Learning how to discipline your child is an important skill that all parents need to learn. Discipline is not the same as punishment. Instead, discipline has to do more with teaching, and involves teaching your child right from wrong, how to respect the rights of others, which behaviors are acceptable and which are not, with a goal of helping to develop a child who feels secure and loved, is self-confident, self-disciplined and knows how to control his impulses, and who does not get overly frustrated with the normal stresses of everyday life.
The recommendations below can be of assistance in teaching children to follow parental directions the first time they are given.
*Be prepared to enforce. Parents should avoid giving their children a direction unless they are prepared to enforce it. If parents do not enforce their directions, then children learn that their parents don’t mean what they say.
*Let your child make some of the rules. Giving a child a say gives him an impetus to follow the rule or direction—and he’s less likely to claim you’re unfair.
*Create positive and negative consequences.
*Get their attention. Get their attention before giving a direction. Avoid yelling directions from another room.
*Don’t ask questions. Parents should avoid phrasing directions as questions (for example, don’t say “Justin, would you like to pick up your toys now?”).
*Don’t be vague. Make directions concrete and precise.
*Keep directions meaningful and developmentally appropriate.
*Have your child repeat the directions to you. This helps you make sure that they understand what is desired of them.
*Give them only few steps at a time. It helps to ensure that the task is completed and they have a feeling of accomplishment.
*Play ‘‘listening and following directions games’’. Kids learn a lot via games. It will help them learn while having fun.
*Rehearse new or unfamiliar directions. Make sure the children understand what is expected of them.
*Tell them what to do. Parents should try to give directions that tell children what to do instead of what not to do. E.g. say, “Stay by my side,” not “Don’t run away.”
*Give them choices not commands. Again, giving your child some say in what procedures she’s to follow can often prevent power struggles.
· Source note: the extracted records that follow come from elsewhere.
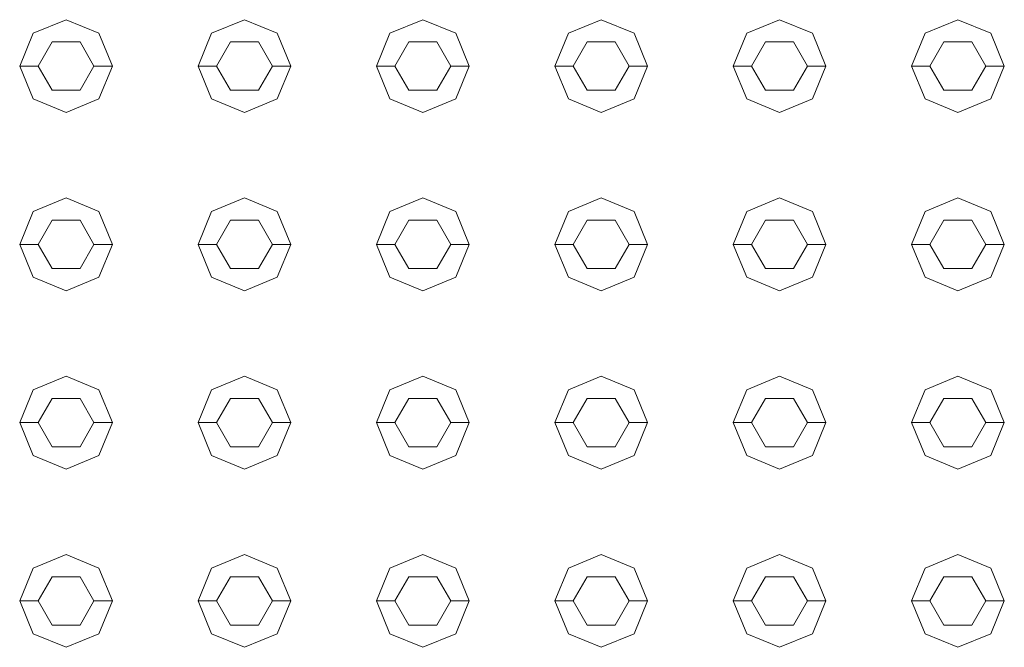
# Model space of a CAD drawing. Header units: millimetres. Extents: x 321 to 585, y -277 to 9.
# Tile 890 of 1056: x 350.289 to 350.819, y -15.478 to -15.14. Entities that reach past the tile are written whole.
import ezdxf

# ---------------------------------------------------------------- set-up
doc = ezdxf.new("R2010")
doc.units = ezdxf.units.MM
doc.header["$MEASUREMENT"] = 0
doc.layers.add('IFC-Elemento construtivo genérico-Contorno', color=253, linetype='Continuous', lineweight=5)

msp = doc.modelspace()

# ---------------------------------------------------------------- linework, layer by layer
at = {"layer": 'IFC-Elemento construtivo genérico-Contorno', "lineweight": 5}
for p, q in [((350.29653, -15.14768), (350.31421, -15.14035)), ((350.29653, -15.14768), (350.31421, -15.14035)), ((350.31421, -15.14035), (350.33189, -15.14768)), ((350.31421, -15.14035), (350.33189, -15.14768)), ((350.39254, -15.14768), (350.41021, -15.14035)), ((350.39254, -15.14768), (350.41021, -15.14035)), ((350.41021, -15.14035), (350.42789, -15.14768)), ((350.41021, -15.14035), (350.42789, -15.14768)), ((350.48853, -15.14768), (350.50621, -15.14035)), ((350.48853, -15.14768), (350.50621, -15.14035)), ((350.50621, -15.14035), (350.52389, -15.14768)), ((350.50621, -15.14035), (350.52389, -15.14768)), ((350.58454, -15.14768), (350.60221, -15.14035)), ((350.58454, -15.14768), (350.60221, -15.14035)), ((350.60221, -15.14035), (350.61989, -15.14768)), ((350.60221, -15.14035), (350.61989, -15.14768)), ((350.68054, -15.14768), (350.69821, -15.14035)), ((350.68054, -15.14768), (350.69821, -15.14035)), ((350.69821, -15.14035), (350.71589, -15.14768)), ((350.69821, -15.14035), (350.71589, -15.14768)), ((350.77653, -15.14768), (350.79421, -15.14035)), ((350.77653, -15.14768), (350.79421, -15.14035)), ((350.79421, -15.14035), (350.81189, -15.14768)), ((350.79421, -15.14035), (350.81189, -15.14768)), ((350.28921, -15.16535), (350.29653, -15.14768)), ((350.28921, -15.16535), (350.29653, -15.14768)), ((350.29921, -15.16535), (350.30671, -15.15237)), ((350.29921, -15.16535), (350.30671, -15.15237)), ((350.30671, -15.15237), (350.32171, -15.15237)), ((350.30671, -15.15237), (350.32171, -15.15237)), ((350.32171, -15.15237), (350.32921, -15.16535)), ((350.32171, -15.15237), (350.32921, -15.16535)), ((350.33189, -15.14768), (350.33921, -15.16535)), ((350.33189, -15.14768), (350.33921, -15.16535)), ((350.38521, -15.16535), (350.39254, -15.14768)), ((350.38521, -15.16535), (350.39254, -15.14768)), ((350.39521, -15.16535), (350.40271, -15.15237)), ((350.39521, -15.16535), (350.40271, -15.15237)), ((350.40271, -15.15237), (350.41771, -15.15237)), ((350.40271, -15.15237), (350.41771, -15.15237)), ((350.41771, -15.15237), (350.42521, -15.16535)), ((350.41771, -15.15237), (350.42521, -15.16535)), ((350.42789, -15.14768), (350.43521, -15.16535)), ((350.42789, -15.14768), (350.43521, -15.16535)), ((350.48121, -15.16535), (350.48853, -15.14768)), ((350.48121, -15.16535), (350.48853, -15.14768)), ((350.49121, -15.16535), (350.49871, -15.15237)), ((350.49121, -15.16535), (350.49871, -15.15237)), ((350.49871, -15.15237), (350.51371, -15.15237)), ((350.49871, -15.15237), (350.51371, -15.15237)), ((350.51371, -15.15237), (350.52121, -15.16535)), ((350.51371, -15.15237), (350.52121, -15.16535)), ((350.52389, -15.14768), (350.53121, -15.16535)), ((350.52389, -15.14768), (350.53121, -15.16535)), ((350.57721, -15.16535), (350.58454, -15.14768)), ((350.57721, -15.16535), (350.58454, -15.14768)), ((350.58721, -15.16535), (350.59471, -15.15237)), ((350.58721, -15.16535), (350.59471, -15.15237)), ((350.59471, -15.15237), (350.60971, -15.15237)), ((350.59471, -15.15237), (350.60971, -15.15237)), ((350.60971, -15.15237), (350.61721, -15.16535)), ((350.60971, -15.15237), (350.61721, -15.16535)), ((350.61989, -15.14768), (350.62721, -15.16535)), ((350.61989, -15.14768), (350.62721, -15.16535)), ((350.67321, -15.16535), (350.68054, -15.14768)), ((350.67321, -15.16535), (350.68054, -15.14768)), ((350.68321, -15.16535), (350.69071, -15.15237)), ((350.68321, -15.16535), (350.69071, -15.15237)), ((350.69071, -15.15237), (350.70571, -15.15237)), ((350.69071, -15.15237), (350.70571, -15.15237)), ((350.70571, -15.15237), (350.71321, -15.16535)), ((350.70571, -15.15237), (350.71321, -15.16535)), ((350.71589, -15.14768), (350.72321, -15.16535)), ((350.71589, -15.14768), (350.72321, -15.16535)), ((350.76921, -15.16535), (350.77653, -15.14768)), ((350.76921, -15.16535), (350.77653, -15.14768)), ((350.77921, -15.16535), (350.78671, -15.15237)), ((350.77921, -15.16535), (350.78671, -15.15237)), ((350.78671, -15.15237), (350.80171, -15.15237)), ((350.78671, -15.15237), (350.80171, -15.15237)), ((350.80171, -15.15237), (350.80921, -15.16535)), ((350.80171, -15.15237), (350.80921, -15.16535)), ((350.81189, -15.14768), (350.81921, -15.16535)), ((350.81189, -15.14768), (350.81921, -15.16535)), ((350.28921, -15.16535), (350.29921, -15.16535)), ((350.28921, -15.16535), (350.29653, -15.18303)), ((350.28921, -15.16535), (350.29921, -15.16535)), ((350.28921, -15.16535), (350.29653, -15.18303)), ((350.29921, -15.16535), (350.30671, -15.17834)), ((350.29921, -15.16535), (350.30671, -15.17834)), ((350.32171, -15.17834), (350.32921, -15.16535)), ((350.32171, -15.17834), (350.32921, -15.16535)), ((350.32921, -15.16535), (350.33921, -15.16535)), ((350.32921, -15.16535), (350.33921, -15.16535)), ((350.33189, -15.18303), (350.33921, -15.16535)), ((350.33189, -15.18303), (350.33921, -15.16535)), ((350.38521, -15.16535), (350.39521, -15.16535)), ((350.38521, -15.16535), (350.39254, -15.18303)), ((350.38521, -15.16535), (350.39521, -15.16535)), ((350.38521, -15.16535), (350.39254, -15.18303)), ((350.39521, -15.16535), (350.40271, -15.17834)), ((350.39521, -15.16535), (350.40271, -15.17834)), ((350.41771, -15.17834), (350.42521, -15.16535)), ((350.41771, -15.17834), (350.42521, -15.16535)), ((350.42521, -15.16535), (350.43521, -15.16535)), ((350.42521, -15.16535), (350.43521, -15.16535)), ((350.42789, -15.18303), (350.43521, -15.16535)), ((350.42789, -15.18303), (350.43521, -15.16535)), ((350.48121, -15.16535), (350.49121, -15.16535)), ((350.48121, -15.16535), (350.48853, -15.18303)), ((350.48121, -15.16535), (350.49121, -15.16535)), ((350.48121, -15.16535), (350.48853, -15.18303)), ((350.49121, -15.16535), (350.49871, -15.17834)), ((350.49121, -15.16535), (350.49871, -15.17834)), ((350.51371, -15.17834), (350.52121, -15.16535)), ((350.51371, -15.17834), (350.52121, -15.16535)), ((350.52121, -15.16535), (350.53121, -15.16535)), ((350.52121, -15.16535), (350.53121, -15.16535)), ((350.52389, -15.18303), (350.53121, -15.16535)), ((350.52389, -15.18303), (350.53121, -15.16535)), ((350.57721, -15.16535), (350.58721, -15.16535)), ((350.57721, -15.16535), (350.58454, -15.18303)), ((350.57721, -15.16535), (350.58721, -15.16535)), ((350.57721, -15.16535), (350.58454, -15.18303)), ((350.58721, -15.16535), (350.59471, -15.17834)), ((350.58721, -15.16535), (350.59471, -15.17834)), ((350.60971, -15.17834), (350.61721, -15.16535)), ((350.60971, -15.17834), (350.61721, -15.16535)), ((350.61721, -15.16535), (350.62721, -15.16535)), ((350.61721, -15.16535), (350.62721, -15.16535)), ((350.61989, -15.18303), (350.62721, -15.16535)), ((350.61989, -15.18303), (350.62721, -15.16535)), ((350.67321, -15.16535), (350.68321, -15.16535)), ((350.67321, -15.16535), (350.68054, -15.18303)), ((350.67321, -15.16535), (350.68321, -15.16535)), ((350.67321, -15.16535), (350.68054, -15.18303)), ((350.68321, -15.16535), (350.69071, -15.17834)), ((350.68321, -15.16535), (350.69071, -15.17834)), ((350.70571, -15.17834), (350.71321, -15.16535)), ((350.70571, -15.17834), (350.71321, -15.16535)), ((350.71321, -15.16535), (350.72321, -15.16535)), ((350.71321, -15.16535), (350.72321, -15.16535)), ((350.71589, -15.18303), (350.72321, -15.16535)), ((350.71589, -15.18303), (350.72321, -15.16535)), ((350.76921, -15.16535), (350.77921, -15.16535)), ((350.76921, -15.16535), (350.77653, -15.18303)), ((350.76921, -15.16535), (350.77921, -15.16535)), ((350.76921, -15.16535), (350.77653, -15.18303)), ((350.77921, -15.16535), (350.78671, -15.17834)), ((350.77921, -15.16535), (350.78671, -15.17834)), ((350.80171, -15.17834), (350.80921, -15.16535)), ((350.80171, -15.17834), (350.80921, -15.16535)), ((350.80921, -15.16535), (350.81921, -15.16535)), ((350.80921, -15.16535), (350.81921, -15.16535)), ((350.81189, -15.18303), (350.81921, -15.16535)), ((350.81189, -15.18303), (350.81921, -15.16535)), ((350.30671, -15.17834), (350.32171, -15.17834)), ((350.30671, -15.17834), (350.32171, -15.17834)), ((350.40271, -15.17834), (350.41771, -15.17834)), ((350.40271, -15.17834), (350.41771, -15.17834)), ((350.49871, -15.17834), (350.51371, -15.17834)), ((350.49871, -15.17834), (350.51371, -15.17834)), ((350.59471, -15.17834), (350.60971, -15.17834)), ((350.59471, -15.17834), (350.60971, -15.17834)), ((350.69071, -15.17834), (350.70571, -15.17834)), ((350.69071, -15.17834), (350.70571, -15.17834)), ((350.78671, -15.17834), (350.80171, -15.17834)), ((350.78671, -15.17834), (350.80171, -15.17834)), ((350.29653, -15.18303), (350.31421, -15.19035)), ((350.29653, -15.18303), (350.31421, -15.19035)), ((350.31421, -15.19035), (350.33189, -15.18303)), ((350.31421, -15.19035), (350.33189, -15.18303)), ((350.39254, -15.18303), (350.41021, -15.19035)), ((350.39254, -15.18303), (350.41021, -15.19035)), ((350.41021, -15.19035), (350.42789, -15.18303)), ((350.41021, -15.19035), (350.42789, -15.18303)), ((350.48853, -15.18303), (350.50621, -15.19035)), ((350.48853, -15.18303), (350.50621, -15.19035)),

*Praise them. Parents don’t need to wait until the task is completed to offer praise and do not focus on the one or two directions that were not followed.
*Show appreciation. When the task is complete, parents should let their children know they appreciate their compliance.
*Don’t repeat warnings. Children can learn to follow directions after one or no warning just as easily as they can learn to follow directions after five or six warnings.
*Follow less desired behavior with more desired behavior. This gives the children an incentive to complete the task and look forward to something that they enjoy.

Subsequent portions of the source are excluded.